Of course, Gates is selling futures here, hyping what's just around the corner. He's determined to put more exciting material on the Internet and Chrome is how he's going to do it.
Chrome is the code-name for an upcoming Windows enhancement that allows developers to create great looking multimedia content on the Web, CD and DVD. It works through simple XML (eXtensible Markup Language) statements that create animations you can download from the Web in a fraction of a second. I admit I was impressed by the demos I saw. The biggest downside: Chrome works best with the heavy-duty processing power of a Pentium II processor.
Many hardware makers displayed prototypes at WinHEC that will make it to market by the end of this year or early in 1999.
Some of the more interesting developments are on the video front. Gates showed off a dazzling PC-based home video editing system. It lets you decode two digital video signals simultaneously and mix them together to create home movies with better than VHS resolution.
The key is the new 2Real chip from C-Cube Microsystems that can both encode and decode MPEG2 video, simultaneously if necessary. It records at resolutions up to 720 by 480 at 30 frames per second.
You can play back video from one or two consumer DVD video players, add transitions or other special effects, then encode it and store it on the hard drive. Then you run a program to convert it to DVD video format and burn it into a disc in a DVR unit inside the PC. You can record up to one hour of MPEG2 compressed video in one gigabyte of storage.
Microsoft says a system with this level of functionality would have cost about $100,000 a year ago. It will be available in a few months at a price that's affordable to the home video buff.
According to Microsoft's research, more than 35 per cent of the inexpensive home PCs sold last holiday season were purchased by families who already owned at least one PC and did not buy it to replace an older computer. If you have a growing number of multi-PC families, some will want to link everything together.
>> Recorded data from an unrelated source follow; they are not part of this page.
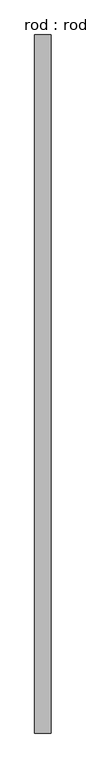
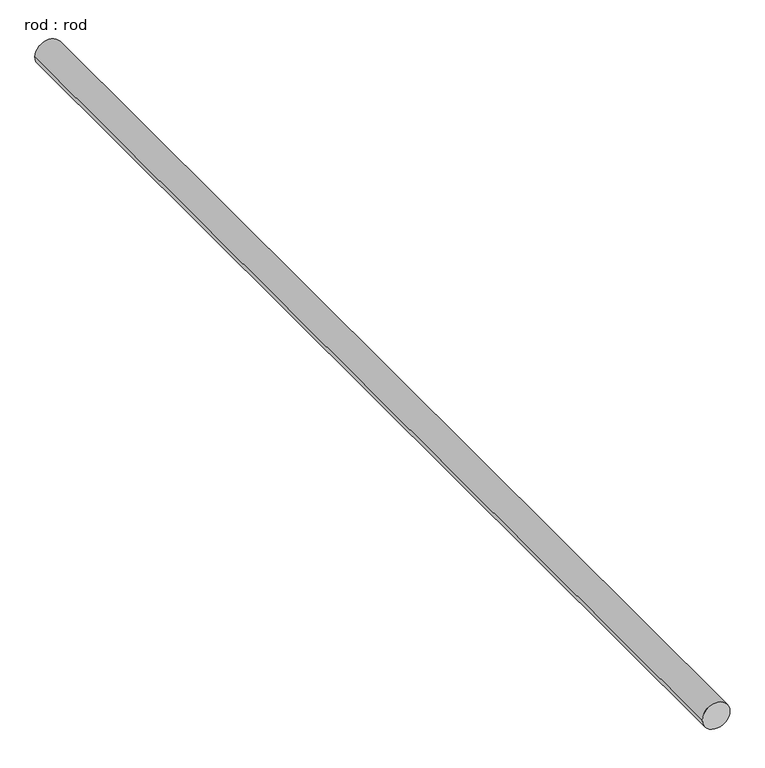
"""IFC4 building model written with IfcOpenShell, lengths in millimetres: proxy geometry, rod : rod."""

from ifc_helpers import new_model, si_unit, point, frame, frame_2d, origin, place, context, project, spatial, circle_curve, trimmed, segment, composite_curve, outline, extrude, source, transform, mapped, element, save


def rod_rod_79d0ea63(model_context):
    return source(origin(), model_context, "Body", "SweptSolid", [
        extrude(outline(composite_curve([segment(trimmed(circle_curve(frame_2d((0.0108462, 0.0)), 200.0), [point((0.0108462, 200.0))], [point((0.0108462, -200.0))], False, "CARTESIAN"), True, "CONTINUOUS"), segment(trimmed(circle_curve(frame_2d((0.0108462, 0.0)), 200.0), [point((0.0108462, -200.0))], [point((0.0108462, 200.0))], False, "CARTESIAN"), True, "CONTINUOUS")], self_intersect=False)), frame((0.0, -4323.8755221, 0.0), z_axis=(0.0, 1.0, 0.0), x_axis=(0.0, 0.0, 1.0)), (0.0, 0.0, 1.0), 16833.2082749),
    ])


if __name__ == "__main__":
    model = new_model("IFC4")
    model_context = context("Model", 3, world=origin())
    ifc_project = project(units=[si_unit("LENGTHUNIT", "METRE", prefix="MILLI")], contexts=[model_context])
    site = spatial("IfcSite", under=ifc_project)
    building = spatial("IfcBuilding", under=site)
    placement = place(None, origin())
    rod_rod_shape = rod_rod_79d0ea63(model_context)
    element("IfcBuildingElementProxy", 1, Name="rod : rod", ObjectType="rod : rod", at=placement, inside=building, context=model_context, shape_type="MappedRepresentation", body=[
        mapped(rod_rod_shape, transform((0.0, 0.0, 0.0), x_axis=(1.0, 0.0, 0.0), y_axis=(0.0, 1.0, 0.0), z_axis=(0.0, 0.0, 1.0))),
    ])
    save(model, "model.ifc")

# Revit data of these elements
# Type "rod : rod"
#   Default Elevation = 0

To satisfy this need, NEC Electronics showed its prototype of a home multimedia network that joins personal computers with entertainment devices. The Termboy family (my 2 bits says it gets renamed) of devices on display connected several PCs to a DVD drive, graphics printer, digital camera and digital television set.
To handle the transmission of all this multimedia content, the Termboy network uses the IEEE (Institute of Electrical and Electronics Engineers) 1394 standard for high speed communications, formerly known as FireWire. It operates at blazing speeds of up to 200 Mbps, 20 times as fast as many of today's office networks.
Computer Design magazine predicts the IEEE 1394 standard will become tomorrow's version of the RCA jack, the ubiquitous device that connects today's stereo components. The magazine says it will inspire a whole new wave of products and applications.
To control the Termboy network you can mount a nifty infrared device, that operates at distances up to 6.5 meters, high in a corner of a room. Between rooms, you use plastic optical fiber, good for distances of up to 70 meters. Repeater boxes are available for longer cable runs.
According to Patrick Yu, NEC System Application Engineering Manager, prototypes will be distributed to interested manufacturers as early as this June. NEC will also manufacture its own units for sale to consumers early in 1999. Sony is developing a similar network. CW
Richard Morochove, FCA, is a Toronto-based computer consultant.